EXERCISE INPUTS:
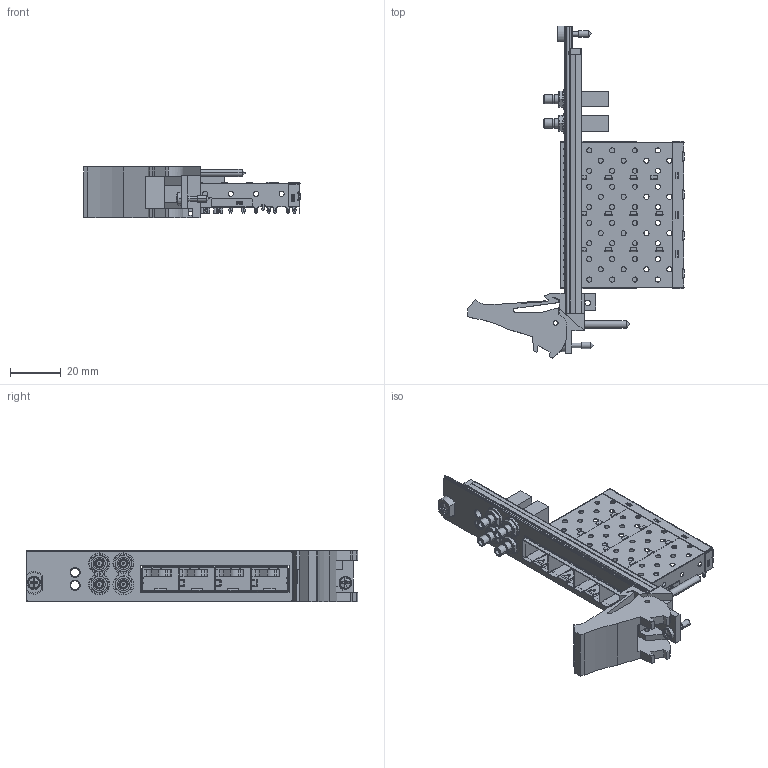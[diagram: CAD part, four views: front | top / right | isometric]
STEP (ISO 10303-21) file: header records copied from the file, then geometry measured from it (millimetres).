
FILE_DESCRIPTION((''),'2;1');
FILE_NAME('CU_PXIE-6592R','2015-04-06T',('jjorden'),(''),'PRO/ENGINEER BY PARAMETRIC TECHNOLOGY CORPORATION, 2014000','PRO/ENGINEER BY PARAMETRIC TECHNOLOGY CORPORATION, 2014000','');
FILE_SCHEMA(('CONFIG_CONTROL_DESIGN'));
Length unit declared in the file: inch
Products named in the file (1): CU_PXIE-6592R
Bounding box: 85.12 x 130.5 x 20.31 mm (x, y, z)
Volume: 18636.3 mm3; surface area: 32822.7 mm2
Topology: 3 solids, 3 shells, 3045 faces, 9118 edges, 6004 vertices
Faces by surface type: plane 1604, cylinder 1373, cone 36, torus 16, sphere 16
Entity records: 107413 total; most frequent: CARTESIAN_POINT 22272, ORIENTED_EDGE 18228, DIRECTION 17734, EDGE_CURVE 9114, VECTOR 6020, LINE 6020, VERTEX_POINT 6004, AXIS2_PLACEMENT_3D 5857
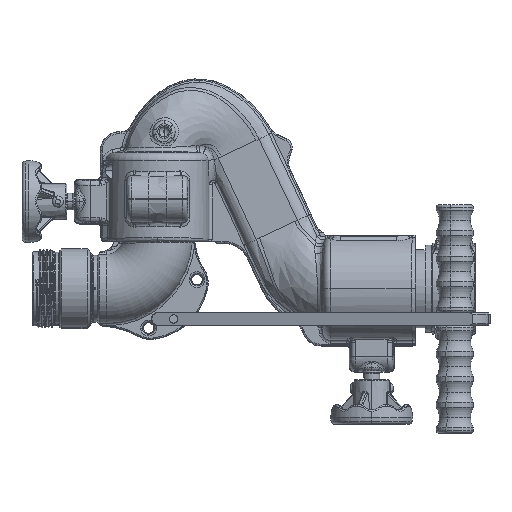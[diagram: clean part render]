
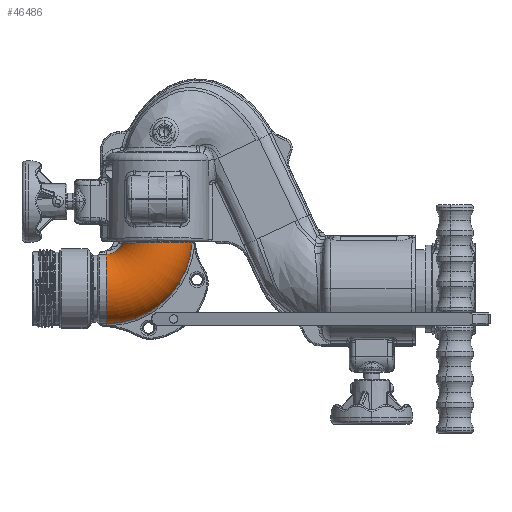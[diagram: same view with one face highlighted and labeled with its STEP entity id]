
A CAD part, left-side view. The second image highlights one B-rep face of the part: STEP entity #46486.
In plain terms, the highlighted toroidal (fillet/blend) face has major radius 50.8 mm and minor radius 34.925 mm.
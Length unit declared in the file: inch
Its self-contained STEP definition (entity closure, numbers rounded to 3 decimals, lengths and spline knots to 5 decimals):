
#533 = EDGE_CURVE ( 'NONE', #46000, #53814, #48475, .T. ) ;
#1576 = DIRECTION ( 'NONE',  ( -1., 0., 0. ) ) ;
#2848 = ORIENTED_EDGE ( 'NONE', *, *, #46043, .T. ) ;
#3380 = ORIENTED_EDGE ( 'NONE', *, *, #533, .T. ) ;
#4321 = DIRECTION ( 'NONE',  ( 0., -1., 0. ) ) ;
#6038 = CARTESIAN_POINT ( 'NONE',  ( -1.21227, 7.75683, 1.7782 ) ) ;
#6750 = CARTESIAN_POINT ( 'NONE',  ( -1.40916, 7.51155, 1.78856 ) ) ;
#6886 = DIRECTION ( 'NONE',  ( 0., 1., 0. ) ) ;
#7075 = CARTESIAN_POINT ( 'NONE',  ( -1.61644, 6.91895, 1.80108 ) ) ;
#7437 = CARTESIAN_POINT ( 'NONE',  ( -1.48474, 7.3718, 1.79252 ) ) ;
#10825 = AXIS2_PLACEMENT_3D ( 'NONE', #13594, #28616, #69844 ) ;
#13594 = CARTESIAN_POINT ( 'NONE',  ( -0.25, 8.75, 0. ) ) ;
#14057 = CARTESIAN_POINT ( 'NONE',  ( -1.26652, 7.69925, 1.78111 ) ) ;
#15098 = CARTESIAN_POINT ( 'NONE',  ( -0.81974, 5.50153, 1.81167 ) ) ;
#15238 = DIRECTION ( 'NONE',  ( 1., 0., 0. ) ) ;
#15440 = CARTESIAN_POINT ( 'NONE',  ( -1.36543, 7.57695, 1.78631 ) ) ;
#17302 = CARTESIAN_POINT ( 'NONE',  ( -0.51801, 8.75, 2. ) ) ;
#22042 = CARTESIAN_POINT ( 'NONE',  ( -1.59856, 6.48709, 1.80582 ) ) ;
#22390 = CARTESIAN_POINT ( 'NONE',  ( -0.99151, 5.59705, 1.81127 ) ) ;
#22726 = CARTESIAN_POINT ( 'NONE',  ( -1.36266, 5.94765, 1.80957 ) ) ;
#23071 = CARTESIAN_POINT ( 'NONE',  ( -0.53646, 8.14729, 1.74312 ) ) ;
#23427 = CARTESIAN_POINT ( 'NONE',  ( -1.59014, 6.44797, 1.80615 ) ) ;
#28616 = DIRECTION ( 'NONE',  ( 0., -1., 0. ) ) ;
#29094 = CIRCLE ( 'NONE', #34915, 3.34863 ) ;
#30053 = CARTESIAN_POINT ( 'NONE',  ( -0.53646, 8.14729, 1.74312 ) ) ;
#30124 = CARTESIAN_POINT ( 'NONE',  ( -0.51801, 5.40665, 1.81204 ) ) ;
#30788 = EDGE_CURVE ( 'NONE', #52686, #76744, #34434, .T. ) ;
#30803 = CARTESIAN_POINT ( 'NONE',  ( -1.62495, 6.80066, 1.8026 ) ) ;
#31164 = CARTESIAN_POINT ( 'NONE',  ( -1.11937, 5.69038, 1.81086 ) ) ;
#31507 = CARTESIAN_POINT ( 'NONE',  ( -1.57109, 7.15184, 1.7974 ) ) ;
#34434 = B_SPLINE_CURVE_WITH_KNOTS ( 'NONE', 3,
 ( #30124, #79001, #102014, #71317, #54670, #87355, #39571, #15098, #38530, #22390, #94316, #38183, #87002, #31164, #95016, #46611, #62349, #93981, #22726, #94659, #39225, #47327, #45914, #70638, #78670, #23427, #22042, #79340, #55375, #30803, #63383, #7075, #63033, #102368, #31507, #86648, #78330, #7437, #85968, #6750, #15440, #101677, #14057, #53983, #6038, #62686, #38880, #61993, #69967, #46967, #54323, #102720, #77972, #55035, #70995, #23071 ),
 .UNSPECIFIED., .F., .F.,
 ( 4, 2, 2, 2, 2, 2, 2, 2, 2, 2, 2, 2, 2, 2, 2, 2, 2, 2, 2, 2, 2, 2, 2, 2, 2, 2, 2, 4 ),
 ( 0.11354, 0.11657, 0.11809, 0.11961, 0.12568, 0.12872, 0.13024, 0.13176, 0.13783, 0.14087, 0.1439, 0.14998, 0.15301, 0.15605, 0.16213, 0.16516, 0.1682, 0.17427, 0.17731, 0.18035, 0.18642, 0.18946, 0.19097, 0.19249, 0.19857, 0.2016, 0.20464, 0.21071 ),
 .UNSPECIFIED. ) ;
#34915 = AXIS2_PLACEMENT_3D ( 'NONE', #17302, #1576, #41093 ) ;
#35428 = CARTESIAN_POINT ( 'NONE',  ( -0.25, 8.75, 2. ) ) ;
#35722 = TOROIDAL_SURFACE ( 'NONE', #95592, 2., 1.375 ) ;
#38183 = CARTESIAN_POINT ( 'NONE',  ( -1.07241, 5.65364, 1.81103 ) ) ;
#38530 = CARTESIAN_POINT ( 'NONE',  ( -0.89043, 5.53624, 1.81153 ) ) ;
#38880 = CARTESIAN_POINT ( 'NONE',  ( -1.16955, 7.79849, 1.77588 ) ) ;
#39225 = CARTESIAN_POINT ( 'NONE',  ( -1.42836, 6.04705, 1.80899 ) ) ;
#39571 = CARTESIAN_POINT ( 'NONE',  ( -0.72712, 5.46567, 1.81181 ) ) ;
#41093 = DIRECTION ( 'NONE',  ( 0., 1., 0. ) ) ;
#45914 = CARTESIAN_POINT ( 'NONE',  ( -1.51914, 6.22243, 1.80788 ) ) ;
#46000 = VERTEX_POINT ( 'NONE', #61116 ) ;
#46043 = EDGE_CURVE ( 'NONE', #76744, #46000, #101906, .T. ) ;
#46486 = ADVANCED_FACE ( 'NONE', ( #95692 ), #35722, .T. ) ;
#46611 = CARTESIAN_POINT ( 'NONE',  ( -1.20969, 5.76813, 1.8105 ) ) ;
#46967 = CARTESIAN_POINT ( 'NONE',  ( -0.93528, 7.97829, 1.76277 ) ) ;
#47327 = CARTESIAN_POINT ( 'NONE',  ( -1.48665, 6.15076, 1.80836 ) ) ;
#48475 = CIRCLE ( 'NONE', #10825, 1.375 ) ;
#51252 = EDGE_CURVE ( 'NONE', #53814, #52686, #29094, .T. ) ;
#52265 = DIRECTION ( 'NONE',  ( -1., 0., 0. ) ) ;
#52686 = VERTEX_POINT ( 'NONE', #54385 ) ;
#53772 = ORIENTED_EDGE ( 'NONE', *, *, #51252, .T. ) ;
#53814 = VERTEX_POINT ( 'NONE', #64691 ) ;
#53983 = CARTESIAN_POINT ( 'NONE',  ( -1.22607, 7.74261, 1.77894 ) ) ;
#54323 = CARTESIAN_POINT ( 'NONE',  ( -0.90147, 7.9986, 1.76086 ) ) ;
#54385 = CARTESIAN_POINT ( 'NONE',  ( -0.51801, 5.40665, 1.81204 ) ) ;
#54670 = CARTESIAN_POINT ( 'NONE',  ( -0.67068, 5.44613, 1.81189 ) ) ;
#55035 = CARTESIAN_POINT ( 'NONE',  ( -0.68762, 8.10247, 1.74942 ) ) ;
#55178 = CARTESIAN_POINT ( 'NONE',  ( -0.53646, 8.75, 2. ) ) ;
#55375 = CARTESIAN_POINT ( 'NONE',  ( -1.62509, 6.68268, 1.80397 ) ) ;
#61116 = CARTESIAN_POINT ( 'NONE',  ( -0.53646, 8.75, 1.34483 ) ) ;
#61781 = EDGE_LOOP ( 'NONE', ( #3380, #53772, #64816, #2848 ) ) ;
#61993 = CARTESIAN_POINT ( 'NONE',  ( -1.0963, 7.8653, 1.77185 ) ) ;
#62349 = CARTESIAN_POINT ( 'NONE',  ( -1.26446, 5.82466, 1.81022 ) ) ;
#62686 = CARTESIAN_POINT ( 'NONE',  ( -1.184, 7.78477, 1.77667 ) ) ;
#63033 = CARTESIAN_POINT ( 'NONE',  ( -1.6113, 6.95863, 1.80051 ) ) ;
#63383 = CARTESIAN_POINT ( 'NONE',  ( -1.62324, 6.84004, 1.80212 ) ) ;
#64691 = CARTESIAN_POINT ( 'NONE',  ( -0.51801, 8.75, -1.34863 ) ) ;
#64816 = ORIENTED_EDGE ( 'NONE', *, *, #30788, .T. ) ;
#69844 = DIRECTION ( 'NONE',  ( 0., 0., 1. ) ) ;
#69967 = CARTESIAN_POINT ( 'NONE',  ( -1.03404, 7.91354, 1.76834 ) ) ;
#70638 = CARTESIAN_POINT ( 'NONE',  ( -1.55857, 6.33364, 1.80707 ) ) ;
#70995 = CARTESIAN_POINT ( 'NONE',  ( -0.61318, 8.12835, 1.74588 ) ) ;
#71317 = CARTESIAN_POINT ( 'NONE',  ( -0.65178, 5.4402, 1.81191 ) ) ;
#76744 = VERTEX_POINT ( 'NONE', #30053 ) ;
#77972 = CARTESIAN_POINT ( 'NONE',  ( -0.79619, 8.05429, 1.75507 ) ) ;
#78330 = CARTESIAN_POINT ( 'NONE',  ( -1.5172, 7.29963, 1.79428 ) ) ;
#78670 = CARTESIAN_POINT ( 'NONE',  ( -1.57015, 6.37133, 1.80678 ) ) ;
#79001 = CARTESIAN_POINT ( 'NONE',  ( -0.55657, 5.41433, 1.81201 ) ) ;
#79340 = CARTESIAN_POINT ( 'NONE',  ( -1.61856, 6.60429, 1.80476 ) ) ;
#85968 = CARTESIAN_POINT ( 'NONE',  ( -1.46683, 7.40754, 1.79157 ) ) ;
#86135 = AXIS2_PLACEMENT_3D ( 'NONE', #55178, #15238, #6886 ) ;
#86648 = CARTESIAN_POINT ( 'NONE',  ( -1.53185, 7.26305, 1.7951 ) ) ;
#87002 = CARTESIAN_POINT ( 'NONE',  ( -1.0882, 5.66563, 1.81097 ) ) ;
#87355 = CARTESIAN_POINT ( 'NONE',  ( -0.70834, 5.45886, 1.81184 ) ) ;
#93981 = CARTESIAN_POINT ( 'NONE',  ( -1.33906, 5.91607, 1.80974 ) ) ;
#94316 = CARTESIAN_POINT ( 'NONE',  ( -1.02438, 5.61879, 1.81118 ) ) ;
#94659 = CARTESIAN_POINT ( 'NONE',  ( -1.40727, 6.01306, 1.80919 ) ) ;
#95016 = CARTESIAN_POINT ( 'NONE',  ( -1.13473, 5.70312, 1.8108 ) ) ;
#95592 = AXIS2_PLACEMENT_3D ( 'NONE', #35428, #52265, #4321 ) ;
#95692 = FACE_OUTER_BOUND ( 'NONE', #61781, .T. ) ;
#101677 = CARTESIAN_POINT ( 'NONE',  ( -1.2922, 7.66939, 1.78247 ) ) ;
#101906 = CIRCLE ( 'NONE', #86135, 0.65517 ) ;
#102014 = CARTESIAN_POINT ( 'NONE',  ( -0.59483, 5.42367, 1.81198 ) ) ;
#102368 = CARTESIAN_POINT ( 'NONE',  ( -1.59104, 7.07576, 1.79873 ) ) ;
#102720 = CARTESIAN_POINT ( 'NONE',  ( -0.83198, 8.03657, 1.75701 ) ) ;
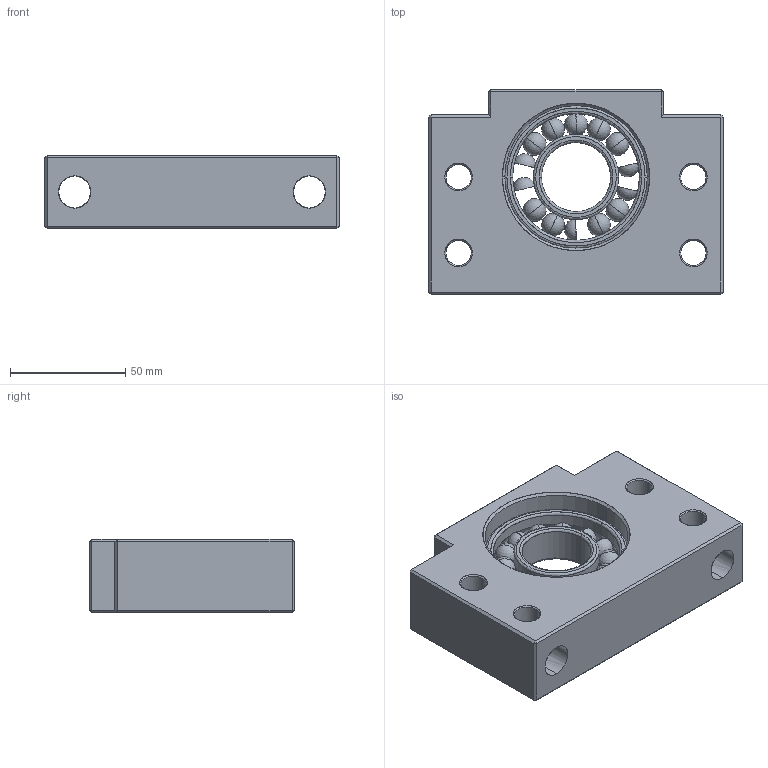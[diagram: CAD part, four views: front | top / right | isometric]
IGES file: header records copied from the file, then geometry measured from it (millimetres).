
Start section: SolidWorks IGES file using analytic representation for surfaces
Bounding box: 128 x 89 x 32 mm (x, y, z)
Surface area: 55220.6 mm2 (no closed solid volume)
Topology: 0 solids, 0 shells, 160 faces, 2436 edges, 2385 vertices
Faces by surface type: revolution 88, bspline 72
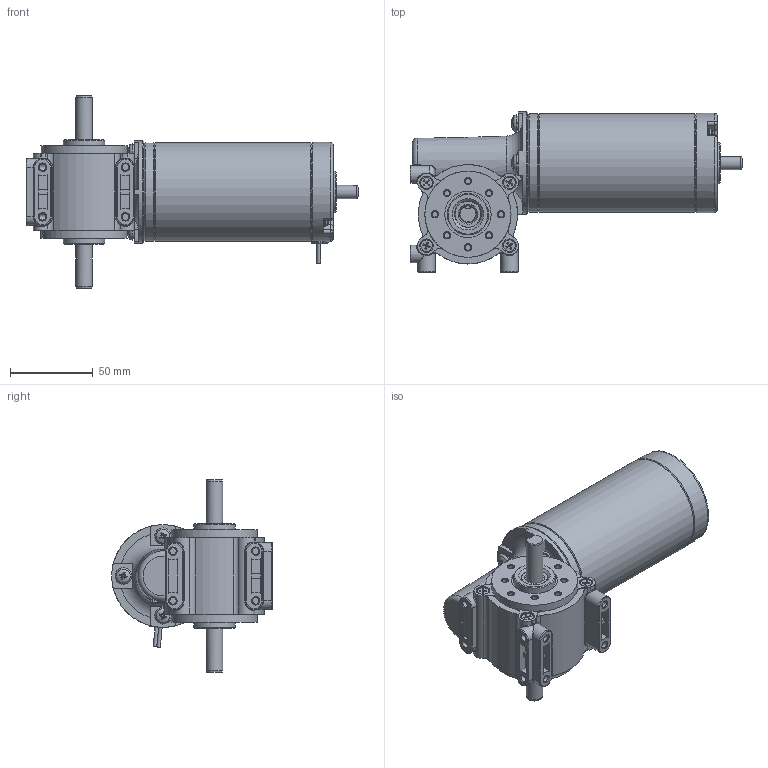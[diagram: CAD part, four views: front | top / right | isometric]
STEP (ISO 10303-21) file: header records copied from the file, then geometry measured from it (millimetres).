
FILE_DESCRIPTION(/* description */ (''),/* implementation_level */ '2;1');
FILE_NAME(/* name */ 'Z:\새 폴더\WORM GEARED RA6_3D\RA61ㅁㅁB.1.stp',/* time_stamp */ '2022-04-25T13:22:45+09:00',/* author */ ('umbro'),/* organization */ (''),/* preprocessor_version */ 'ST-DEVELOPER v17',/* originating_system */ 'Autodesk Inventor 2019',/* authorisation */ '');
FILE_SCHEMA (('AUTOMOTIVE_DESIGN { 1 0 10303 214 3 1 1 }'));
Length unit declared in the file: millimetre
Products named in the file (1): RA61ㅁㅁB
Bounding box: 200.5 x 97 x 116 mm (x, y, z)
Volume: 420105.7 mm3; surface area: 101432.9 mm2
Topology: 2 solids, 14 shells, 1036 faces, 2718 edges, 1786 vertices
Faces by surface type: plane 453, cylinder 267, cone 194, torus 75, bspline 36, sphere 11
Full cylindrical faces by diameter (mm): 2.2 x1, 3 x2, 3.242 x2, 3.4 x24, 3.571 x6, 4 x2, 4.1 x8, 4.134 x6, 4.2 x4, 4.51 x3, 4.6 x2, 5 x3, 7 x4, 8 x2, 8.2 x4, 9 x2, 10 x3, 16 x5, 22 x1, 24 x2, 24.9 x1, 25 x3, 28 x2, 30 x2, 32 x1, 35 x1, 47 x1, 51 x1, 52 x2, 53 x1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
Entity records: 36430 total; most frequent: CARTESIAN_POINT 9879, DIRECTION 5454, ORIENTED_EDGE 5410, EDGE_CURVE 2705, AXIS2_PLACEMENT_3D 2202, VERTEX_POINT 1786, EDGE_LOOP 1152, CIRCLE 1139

ASSIGNED TASK: The answer must be an exact copy of the lines above, from the start of the records through the line with "[diagram: same view", and of nothing else; no pictures belong in it.

RESULT FOR THIS EXERCISE:
[diagram: CAD part, four views: front | top / right | isometric]
STEP (ISO 10303-21) file: header records copied from the file, then geometry measured from it (millimetres).
FILE_DESCRIPTION((''),'2;1');
FILE_NAME('CU_PXIE-6592R','2015-04-06T',('jjorden'),(''),'PRO/ENGINEER BY PARAMETRIC TECHNOLOGY CORPORATION, 2014000','PRO/ENGINEER BY PARAMETRIC TECHNOLOGY CORPORATION, 2014000','');
FILE_SCHEMA(('CONFIG_CONTROL_DESIGN'));
Length unit declared in the file: inch
Products named in the file (1): CU_PXIE-6592R
Bounding box: 85.12 x 130.5 x 20.31 mm (x, y, z)
Volume: 18636.3 mm3; surface area: 32822.7 mm2
Topology: 3 solids, 3 shells, 3045 faces, 9118 edges, 6004 vertices
Faces by surface type: plane 1604, cylinder 1373, cone 36, torus 16, sphere 16
Entity records: 107413 total; most frequent: CARTESIAN_POINT 22272, ORIENTED_EDGE 18228, DIRECTION 17734, EDGE_CURVE 9114, VECTOR 6020, LINE 6020, VERTEX_POINT 6004, AXIS2_PLACEMENT_3D 5857
[diagram: clean part render]
[diagram: same view with one face highlighted and labeled with its STEP entity id]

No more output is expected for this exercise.